Bam-e, Pansit Bisaya is basically the same as to other guinisa pansit except probably to some ingredients or spices akin to or available to local Visayas. This guinisang mixed pansit canton and sotanghon for some reason it is called bam-e that I myself also can not explain. Anyway bam-e is regularly cooked by the owners of the flat I am staying here in Abu Dhabi, they are from Cebu. Bam-e is a party dish, whenever someone’s birthday, wedding or any other celebration these noodle dish is part of the menu. In fact it was one of the dish prepared on our little New Year celebration. I have tried to replicate it and here is the recipe of my version of Bam-e, Pansit Bisaya.
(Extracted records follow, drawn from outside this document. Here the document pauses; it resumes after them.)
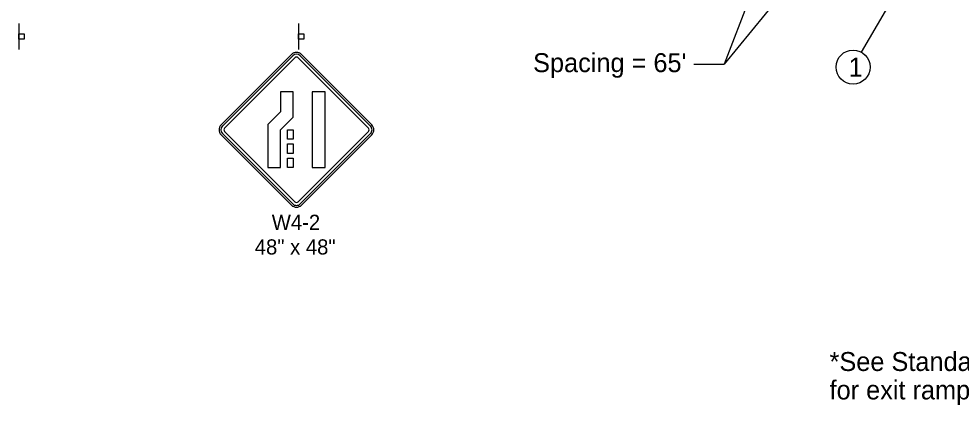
# Model space of a CAD drawing. Extents: x 10133 to 81668, y 4177 to 11018.
# Drawn here: x 25491 to 26486, y 8820 to 9228 of the extents above; entities that cross this region are included whole.
import ezdxf

# ---------------------------------------------------------------- set-up
doc = ezdxf.new("R2010")
doc.units = 0
for name, color, linetype in [('dsnNonPlotable', 7, 'Continuous'), ('dsnStdNote', 7, 'Continuous'), ('Level 1', 7, 'Continuous'), ('Level 12', 7, 'Continuous')]:
    doc.layers.add(name, color=color, linetype=linetype)

msp = doc.modelspace()

# ---------------------------------------------------------------- linework, layer by layer
at = {"layer": 'dsnNonPlotable'}
for p, q in [((25490.62, 9223.06), (25490.62, 9195.56)), ((25786.01, 9223.06), (25786.01, 9195.56)), ((25778.69, 9190.53), (25704.44, 9116.28)), ((25704.45, 9116.28), (25778.69, 9190.53)), ((25705.77, 9114.95), (25780.02, 9189.2)), ((25782.23, 9186.99), (25707.98, 9112.74)), ((25778.69, 9190.53), (25778.69, 9190.53)), ((25782.23, 9186.99), (25782.23, 9186.99)), ((25860.01, 9112.74), (25785.76, 9186.99)), ((25787.97, 9189.2), (25862.22, 9114.95)), ((25789.3, 9190.53), (25863.55, 9116.28)), ((25863.55, 9116.28), (25789.3, 9190.53)), ((25704.44, 9105.67), (25778.69, 9031.43)), ((25778.69, 9031.43), (25704.45, 9105.67)), ((25780.02, 9032.75), (25705.77, 9107)), ((25707.98, 9109.21), (25782.23, 9034.96)), ((25785.76, 9034.96), (25860.01, 9109.21)), ((25862.22, 9107), (25787.97, 9032.75)), ((25863.55, 9105.67), (25789.3, 9031.43)), ((25789.3, 9031.43), (25863.55, 9105.67))]:
    msp.add_line(p, q, dxfattribs=at)
for points in [[(25490.72, 9206.61), (25490.72, 9212.23), (25496.34, 9212.23), (25496.34, 9206.61)], [(25786.11, 9206.61), (25786.11, 9212.23), (25791.73, 9212.23), (25791.73, 9206.61)], [(25766.99, 9129.82), (25753.74, 9116.57), (25753.74, 9070.98), (25767.24, 9070.98), (25767.24, 9110.98), (25780.49, 9124.23), (25780.49, 9150.98), (25766.99, 9150.98)], [(25800.75, 9150.98), (25800.75, 9070.98), (25814.25, 9070.98), (25814.25, 9150.98)], [(25774.49, 9110.98), (25780.49, 9110.98), (25780.49, 9100.98), (25774.49, 9100.98)], [(25774.49, 9095.98), (25780.49, 9095.98), (25780.49, 9085.98), (25774.49, 9085.98)], [(25774.49, 9080.98), (25780.49, 9080.98), (25780.49, 9070.98), (25774.49, 9070.98)]]:
    msp.add_lwpolyline(points, close=True, dxfattribs=at)
for points in [[(25780.02, 9189.2), (25705.77, 9114.95)], [(25782.23, 9186.99), (25707.98, 9112.74)], [(25860.01, 9112.74), (25785.76, 9186.99)], [(25862.22, 9114.95), (25787.97, 9189.2)], [(25705.77, 9107), (25780.02, 9032.75)], [(25707.98, 9109.21), (25782.23, 9034.96)], [(25785.76, 9034.96), (25860.01, 9109.21)], [(25787.97, 9032.75), (25862.22, 9107)]]:
    msp.add_lwpolyline(points, dxfattribs=at)
for centre, radius, start, end in [((25783.99, 9185.22), 7.5, 45.00026, 135.00001), ((25783.99, 9185.22), 7.5, 45.00026, 135.00001), ((25783.99, 9185.22), 5.63, 45.00026, 135.00001), ((25783.99, 9185.22), 5.63, 45.00026, 135.00001), ((25783.99, 9185.22), 2.5, 45.00026, 135.00001), ((25783.99, 9185.22), 2.5, 45.00026, 135.00001), ((25709.75, 9110.98), 7.5, 135.0002, 224.99984), ((25709.75, 9110.98), 7.5, 135.0002, 224.99984), ((25709.75, 9110.98), 5.63, 135.0002, 224.99984), ((25709.75, 9110.98), 5.63, 135.0002, 224.99984), ((25709.75, 9110.98), 2.5, 135.0002, 224.99984), ((25709.75, 9110.98), 2.5, 135.0002, 224.99984), ((25858.24, 9110.98), 2.5, 315.00005, 45.00026), ((25858.24, 9110.98), 2.5, 315.00005, 45.00026), ((25858.24, 9110.98), 5.63, 315.00005, 45.00026), ((25858.24, 9110.98), 5.63, 315.00005, 45.00026), ((25858.24, 9110.98), 7.5, 315.00005, 45.00026), ((25858.24, 9110.98), 7.5, 315.00005, 45.00026), ((25783.99, 9036.73), 7.5, 224.99984, 315.00005), ((25783.99, 9036.73), 7.5, 224.99984, 315.00005), ((25783.99, 9036.73), 5.63, 224.99984, 315.00005), ((25783.99, 9036.73), 5.63, 224.99984, 315.00005), ((25783.99, 9036.73), 2.5, 224.99984, 315.00005), ((25783.99, 9036.73), 2.5, 224.99984, 315.00005)]:
    msp.add_arc(centre, radius, start, end, dxfattribs=at)
at = {"layer": 'dsnStdNote'}
for p, q in [((26291.57, 9324.82), (26236.03, 9180.33)), ((26344.36, 9312.86), (26236.03, 9180.33)), ((26450.79, 9312.23), (26380.71, 9192.98)), ((26204.03, 9180.33), (26236.03, 9180.33))]:
    msp.add_line(p, q, dxfattribs=at)
at = {"layer": 'Level 12'}
msp.add_circle((26372.16, 9177.14), 18, dxfattribs=at)

# ---------------------------------------------------------------- texts
at = {"layer": 'dsnNonPlotable'}
for s, p in [('W4-2', (25757.89, 9005.3)), ('48" x 48"', (25739.93, 8979.3))]:
    msp.add_text(s, height=16, dxfattribs=at).set_placement(p)
at = {"layer": 'dsnStdNote'}
msp.add_text("Spacing = 65'", height=20, dxfattribs=at).set_placement((26034.04, 9171.82))
at = {"layer": 'Level 1'}
for s, p in [('*See Standard Road Plan TC-420', (26347.29, 8856.32)), ('for exit ramp details.', (26347.29, 8826.32))]:
    msp.add_text(s, height=20, dxfattribs=at).set_placement(p)
at = {"layer": 'Level 12'}
msp.add_text('1', height=20, dxfattribs=at).set_placement((26367.42, 9167.14))

doc.saveas('drawing.dxf')
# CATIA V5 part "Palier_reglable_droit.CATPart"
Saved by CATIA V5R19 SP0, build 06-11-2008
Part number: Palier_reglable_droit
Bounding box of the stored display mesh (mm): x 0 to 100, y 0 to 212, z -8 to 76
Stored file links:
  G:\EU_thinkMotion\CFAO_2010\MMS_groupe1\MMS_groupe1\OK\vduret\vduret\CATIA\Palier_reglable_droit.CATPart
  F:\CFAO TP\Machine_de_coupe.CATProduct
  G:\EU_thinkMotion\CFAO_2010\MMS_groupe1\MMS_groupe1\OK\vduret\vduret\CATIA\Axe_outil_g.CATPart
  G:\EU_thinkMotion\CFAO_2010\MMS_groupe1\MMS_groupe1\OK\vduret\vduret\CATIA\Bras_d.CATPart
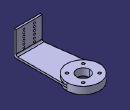
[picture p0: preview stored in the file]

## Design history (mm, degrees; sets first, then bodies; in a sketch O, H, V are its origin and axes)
External parameters (linked from other documents)
  External.Hauteur_bras = 200 mm
Body1 (main body)
  Sketch1 on yz-plane, origin (0, 0, 0), H (0, 1, 0), V (0, 0, 1)
    line L1 (0, 76) -> (0, 0)
    line L2 (0, 0) -> (212, 0)
    line L3 (212, 0) -> (212, 6)
    line L4 (212, 6) -> (6, 6)
    line L5 (6, 6) -> (6, 76)
    line L6 (6, 76) -> (0, 76)
    reference intersected line E1 through (0, 0) direction (0, 1) from zx-plane
    length L5 = 70
    length L3 = 6
    length L6 = 6
    length L2 = 212 {= External.Hauteur_bras +12mm}
    vertical: L1 V, L3 V, L5 V
    horizontal: L2 H, L4 H, L6 H
    coincidence: L2 H, E1 L1
  Pad1: profile Sketch1, direction (1, 0, 0), length 100
  Sketch2 on face of Pad1 from Sketch1.L4, origin (0, 0, 6), H (1, 0, 0), V (0, 1, 0)
    circle A1 centre (50, 162) radius 25
    point P1 (50, 162)
    reference projected line E1 (0, 250) -> (0, 6) from edge [start face of Pad1 | face of Pad1 from Sketch1.L4]
    reference projected line E2 (0, 0) -> (70, 0) from edge [face of Pad1 from Sketch1.L2 | face of Pad1 from Sketch1.L1]
    radius A1 = 25
    distance E1 P1 = 50
    distance E2 P1 = 162 {= External.Hauteur_bras -38mm}
  Pocket1: profile Sketch2, direction (0, 0, -1), through (limit type 6)
  Sketch3 on face of Pad1 from Sketch1.L5, origin (0, 6, 0), H (-1, 0, 0), V (0, 0, 1)
    construction line L1 (-60, 100) -> (-60, -40)
    reference projected line E1 (-100, 6) -> (-100, 76) from edge [face of Pad1 from Sketch1.L5 | end face of Pad1]
    construction line L2 (-120, 41) -> (60, 41)
    reference projected line E2 (0, 76) -> (-100, 76) from edge [face of Pad1 from Sketch1.L6 | face of Pad1 from Sketch1.L5]
    circle A1 centre (-76, 46) radius 3
    point P5 (-76, 46)
    point P6 (-76, 56)
    circle A2 centre (-76, 56) radius 3
    point P7 (-76, 66)
    circle A3 centre (-76, 66) radius 3
    axis line L3 (-76, 17.2716) -> (-76, 107.2716)
    reference projected line E3 (0, 76) -> (-100, 76) from edge [face of Pad1 from Sketch1.L6 | face of Pad1 from Sketch1.L5]
    circle A4 centre (-76, 16) radius 3
    circle A5 centre (-76, 26) radius 3
    circle A6 centre (-76, 36) radius 3
    circle A7 centre (-44, 66) radius 3
    circle A8 centre (-44, 56) radius 3
    circle A9 centre (-44, 46) radius 3
    circle A10 centre (-44, 36) radius 3
    circle A11 centre (-44, 26) radius 3
    circle A12 centre (-44, 16) radius 3
    distance L1 E1 = 40
    distance L2 E2 = 35
    radius A1 = 3
    distance P5 L1 = 16
    distance P7 P6 = 10
    distance P6 P5 = 10
    distance P7 E3 = 10
    radius A3 = 3
    radius A2 = 3
    vertical: L1 V, L3 V
    horizontal: L2 H
    coincidence: P5 L3, P6 L3, P7 L3
    symmetry: A3 A4 L2, A2 A5 L2, A1 A6 L2, A3 A7 L1, A2 A8 L1, A1 A9 L1, A6 A10 L1, A5 A11 L1, A4 A12 L1
  Pocket2: profile Sketch3, direction (0, -1, 0), through (limit type 6)
  Fillet1: radius 50, on edge [face of Pad1 from Sketch1.L3 | end face of Pad1]; edge [start face of Pad1 | face of Pad1 from Sketch1.L3]
  Sketch4 on face of Pad1 from Sketch1.L2, origin (0, 0, 0), H (1, 0, 0), V (0, -1, 0)
    circle A1 centre (50, -162) radius 50
    point P1 (50, -162)
    reference projected arc E1 centre (50, -162) radius 50 from (50, -212) to (100, -162) ccw from edge [face of Pad1 from Sketch1.L2 | face of Fillet1]
    circle A2 centre (50, -162) radius 20
    circle A3 centre (25, -187) radius 4
    point P2 (25, -187)
    construction line L1 (-10.7972, -162) -> (119.2028, -162)
    axis line L2 (50, -110) -> (50, -220)
    circle A4 centre (75, -187) radius 4
    circle A5 centre (25, -137) radius 4
    circle A6 centre (75, -137) radius 4
    radius A2 = 20
    radius A3 = 4
    distance P2 L2 = 25
    distance P2 L1 = 25
    coincidence: A1 E1, L1 P1, L2 P1
    horizontal: L1 H
    vertical: L2 V
    symmetry: A3 A4 L2, A3 A5 L1, A4 A6 L1
  Pad2: profile Sketch4, direction (0, 0, -1), length 8, opposite side length 14
  Sketch5 on face of Pad1 from Sketch1.L2, origin (0, 0, 0), H (1, 0, 0), V (0, -1, 0)
    line L1 (20, 0) -> (20, -6)
    line L2 (20, -6) -> (0, -158.7404)
    line L3 (0, -158.7404) -> (0, 0)
    line L4 (0, 0) -> (20, 0)
    reference projected circle E1 centre (50, -162) radius 50 from edge [face of Pad2 from Sketch4.A1 | end face of Pad2]
    length L1 = 6
    length L4 = 20
    vertical: L1 V, L3 V
    horizontal: L4 H
    tangency: L2 E1
  Pocket3: profile Sketch5, direction (0, 0, 1), through (limit type 6)
  Fillet2: radius 5, on edge [face of Pad1 from Sketch1.L5 | face of Pad1 from Sketch1.L4]
  Fillet3: radius 5, on edge [face of Pad1 from Sketch1.L2 | face of Pad1 from Sketch1.L1]

1/2 kilo sotanghon noodles, soaked, drained
1/2 kilo canton noodles
1/4 kilo pork
1 cup pork liver
1 pc. chicken breast
1 cup shrimp, shelled and de-veined
2 pcs. bay leaves
1 tsp. peppercorns
1 medium size onion, peeled, quartered
1 pc. Chinese chorizo, sliced crosswise
1/2 head garlic, peeled, crushed, chopped
1 medium size onion, peeled, chopped
1/2 small cabbage, shredded
1 medium size carrot, skinned, cut into thin strips
100 g. green beans, trimmed, sliced diagonally
1/4 cup tengang daga (black ear fungus)
2-3 stalks wansoy, kinchay, chopped
1/3 cup soy sauce
3-4 stalks spring onions, chopped
powdered black pepper
In a sauce pan boil pork, pork liver and chicken with bay leaves, quartered onion and peppercorns until tender. Remove pork, pork liver and chicken from sauce pan drain and let cool, set aside stock. Cut pork, pork liver into strips and shred chicken breast. Soak tengang daga (black ear fungus) until re-hydrated, drain, trim hard stems and cut into small pieces, set aside. In a wok sauté garlic and onion, add in Chinese chorizo pork, pork liver, chicken, shrimp, tengang daga and soy sauce, stir cook for 2 to 3 minutes. Add 4 to 6 cups of stock let boil and simmer for 2 to 3 minutes.
Add in sotanghon and canton noodles, stir cook for 5 to 10 minutes or until the noodles are almost cooked, add more soy sauce as necessary and season with salt and pepper to taste. Add green beans, cabbage, carrots, and wansoy or kinchay stir cook for 3 to 5 minutes or vegetables are half cooked. Serve in a large platter, garnish with spring onions and drizzle with kalamansi.